Le chimpanzé est l’animal qui sait le mieux utiliser des outils. Il s’en sert surtout pour se nourrir, de toutes les façons possibles : par exemple il ratisse une surface avec un bâton pour attraper une noix hors de portée de sa main. Plus compliqué : pour casser la coque d’un fruit dont il a envie, le chimpanzé utilise soit un morceau de bois si l’enveloppe du fruit est tendre, soit une pierre si elle est dure, et cela même si l’outil le plus approprié est hors de sa vue ! Il se souvient de l’endroit où se trouvent les meilleurs marteaux possible pour tel fruit, et parcourt 500 mètres, s’il le faut, histoire de ne pas écraser un fruit plutôt tendre avec un outil trop dur. Il pose alors la noix, si riche en matières grasses, sur une surface dure… et il a inventé l’enclume. Le chimpanzé sait aussi de quelle façon il faut manier une branche pour s’en servir comme d’un levier et détacher une fourmilière accrochée à une autre branche.
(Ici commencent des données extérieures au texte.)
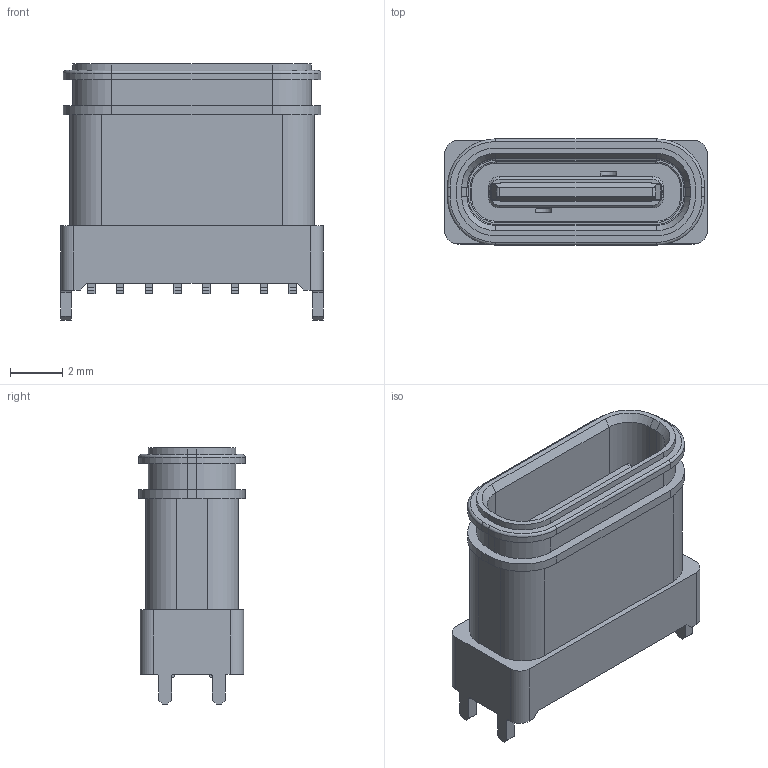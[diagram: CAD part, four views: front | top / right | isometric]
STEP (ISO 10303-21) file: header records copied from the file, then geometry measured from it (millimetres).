
FILE_DESCRIPTION((''),'2;1');
FILE_NAME('1030050','2023-07-14T09:50:12',('Administrator'),(''),'CREO PARAMETRIC BY PTC INC, 2019080','CREO PARAMETRIC BY PTC INC, 2019080','');
FILE_SCHEMA(('CONFIG_CONTROL_DESIGN'));
Length unit declared in the file: millimetre
Products named in the file (1): 1030050
Bounding box: 10.04 x 4.06 x 9.8 mm (x, y, z)
Volume: 180.9 mm3; surface area: 576.4 mm2
Topology: 1 solids, 32 shells, 779 faces, 2012 edges, 1320 vertices
Faces by surface type: plane 539, cylinder 168, cone 40, torus 28, bspline 4
Entity records: 24035 total; most frequent: CARTESIAN_POINT 4774, ORIENTED_EDGE 4020, DIRECTION 3906, EDGE_CURVE 2010, VECTOR 1512, LINE 1512, VERTEX_POINT 1320, AXIS2_PLACEMENT_3D 1197
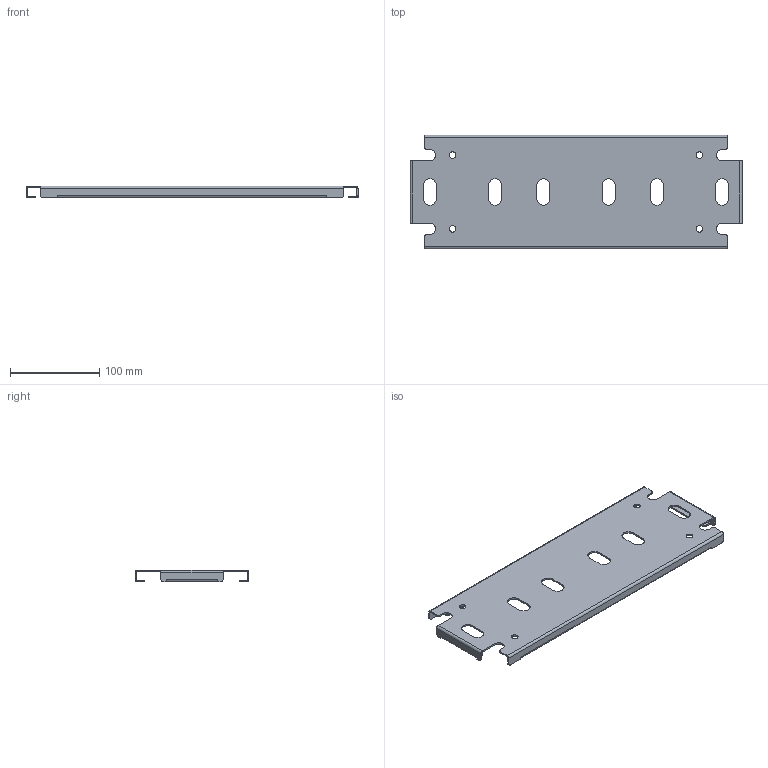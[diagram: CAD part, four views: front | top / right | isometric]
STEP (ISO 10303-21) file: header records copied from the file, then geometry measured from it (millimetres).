
FILE_DESCRIPTION(/* description */ ('1412BTCU 14.625" x 56" Inner Panel'),/* implementation_level */ '2;1');
FILE_NAME(/* name */ 'C:\Vault_Workspace\Inventor_Dwg\BoxCad\Result\1412BTCU07203\e-mail\3D\1412BTCU07203IP1.stp',/* time_stamp */ '2022-09-06T12:07:38-04:00',/* author */ ('BoxCad'),/* organization */ (''),/* preprocessor_version */ 'ST-DEVELOPER v18.1',/* originating_system */ 'Autodesk Inventor 2020',/* authorisation */ '');
FILE_SCHEMA (('AUTOMOTIVE_DESIGN { 1 0 10303 214 3 1 1 }'));
Length unit declared in the file: inch
Products named in the file (2): 1412BTCU07203IP1; 1412BTCU07203IP1-P
Assembly tree (1 placements, depth 2):
  1412BTCU07203IP1
    1412BTCU07203IP1-P
Bounding box: 371.48 x 127 x 13 mm (x, y, z)
Volume: 98056.2 mm3; surface area: 116630.8 mm2
Topology: 1 solids, 1 shells, 134 faces, 396 edges, 264 vertices
Faces by surface type: plane 78, cylinder 56
Full cylindrical faces by diameter (mm): 7.366 x4
Entity records: 4601 total; most frequent: CARTESIAN_POINT 797, ORIENTED_EDGE 792, DIRECTION 782, EDGE_CURVE 396, LINE 284, VECTOR 284, VERTEX_POINT 264, AXIS2_PLACEMENT_3D 249
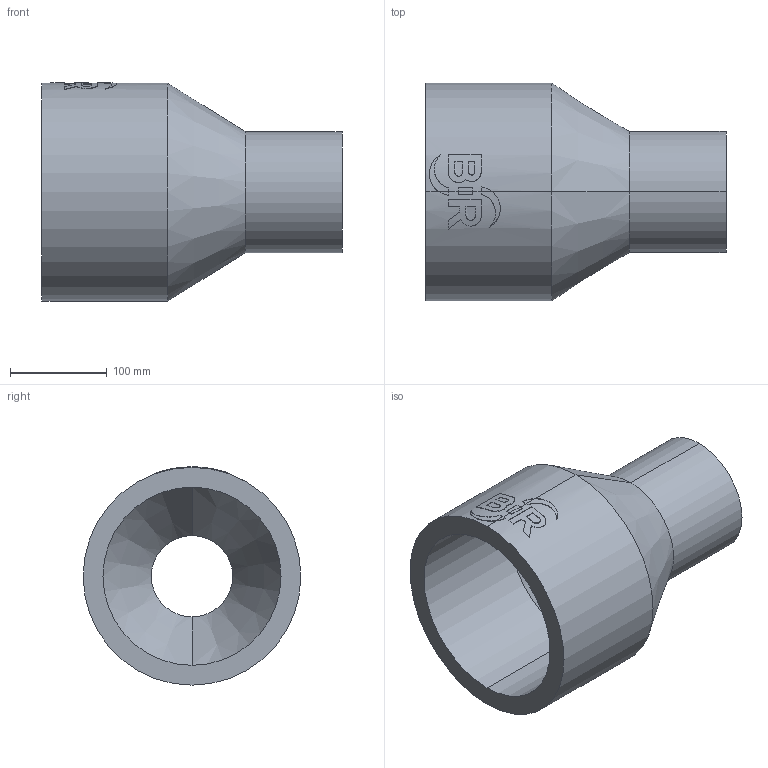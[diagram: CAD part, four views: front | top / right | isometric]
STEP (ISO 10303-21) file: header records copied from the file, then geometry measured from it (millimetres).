
FILE_DESCRIPTION (( 'STEP AP214' ), '1' );
FILE_NAME ('2323201535.STEP', '2018-07-20T10:24:48', ( '' ), ( '' ), 'SwSTEP 2.0', 'SolidWorks 2017', '' );
FILE_SCHEMA (( 'AUTOMOTIVE_DESIGN' ));
Length unit declared in the file: millimetre
Products named in the file (1): 2323201535
Bounding box: 310 x 225 x 225.46 mm (x, y, z)
Volume: 3305858.6 mm3; surface area: 342637.9 mm2
Topology: 1 solids, 1 shells, 63 faces, 160 edges, 104 vertices
Faces by surface type: cylinder 31, plane 28, cone 4
Entity records: 3325 total; most frequent: CARTESIAN_POINT 1116, ORIENTED_EDGE 320, DIRECTION 296, EDGE_CURVE 160, AXIS2_PLACEMENT_3D 112, VERTEX_POINT 104, LINE 72, VECTOR 72

Mais le plus étonnant est qu’il sait fabriquer ce dont il a besoin : il sélectionne une branche longue et fine qui peut atteindre 60 cm de longueur puis l’effeuille pour pouvoir l’introduire dans la fourmilière. Il la ressort précautionneusement et la fait glisser entre ses lèvres ou entre ses doigts, pour retenir les insectes qui la recouvrent ; il n’a plus qu’à les avaler prestement, avant qu’ils ne le piquent !

Le chimpanzé ne boit pas très souvent, car il trouve la plus grande partie de l’eau dont son organisme a besoin dans les fruits les plus pulpeux qu’il consomme. Il boit directement à la surface d’un ruisseau, ou bien trempe ses mains et lèche l’eau qui dégouline de ses doigts. Mais, quand il a très soif, il choisit une large feuille, qu’il utilise comme une cuillère. Ou bien il mâche une feuille jusqu’à la rendre poreuse, l’imbibe d’eau et la presse dans sa bouche comme si c’était une éponge !

Performances pour un animal

Le chimpanzé a encore d’autres cordes à son arc : pour se défendre, il prend une branche et en fait une lance ; une pierre, et elle devient un projectile…

En 1965, une expérience célèbre a été faite en Guinée : Adriaan Kortland a placé un léopard empaillé, un de leurs principaux prédateurs, près d’un groupe de chimpanzés. Dès que ceux-ci le virent, ils se dressèrent et, tout en poussant des cris d’intimidation, ramassèrent des bâtons qu’ils lancèrent avec beaucoup d’adresse en prenant soin de viser la tête et le dos du félin.

Le chimpanzé utilise aussi l’outil comme moyen de locomotion. Par exemple, il traverse l’eau sans se mouiller, grâce à un bâton, dont il se sert comme d’une canne pour franchir un ruisseau sur un pont naturel. Ou encore une large feuille devient chasse-mouches ou parapluie ; une brindille devient cure-dents ou Coton-Tige ; avec une feuille, il s’essuie le derrière en cas de diarrhée.

Les chercheurs se demandent pourquoi le chimpanzé n’a pas développé autant que l’homme sa capacité à utiliser l’outil. Il semblerait que ce soit lié au fait que le chimpanzé est un animal forestier et grimpeur, ce qui occupe ses quatre membres.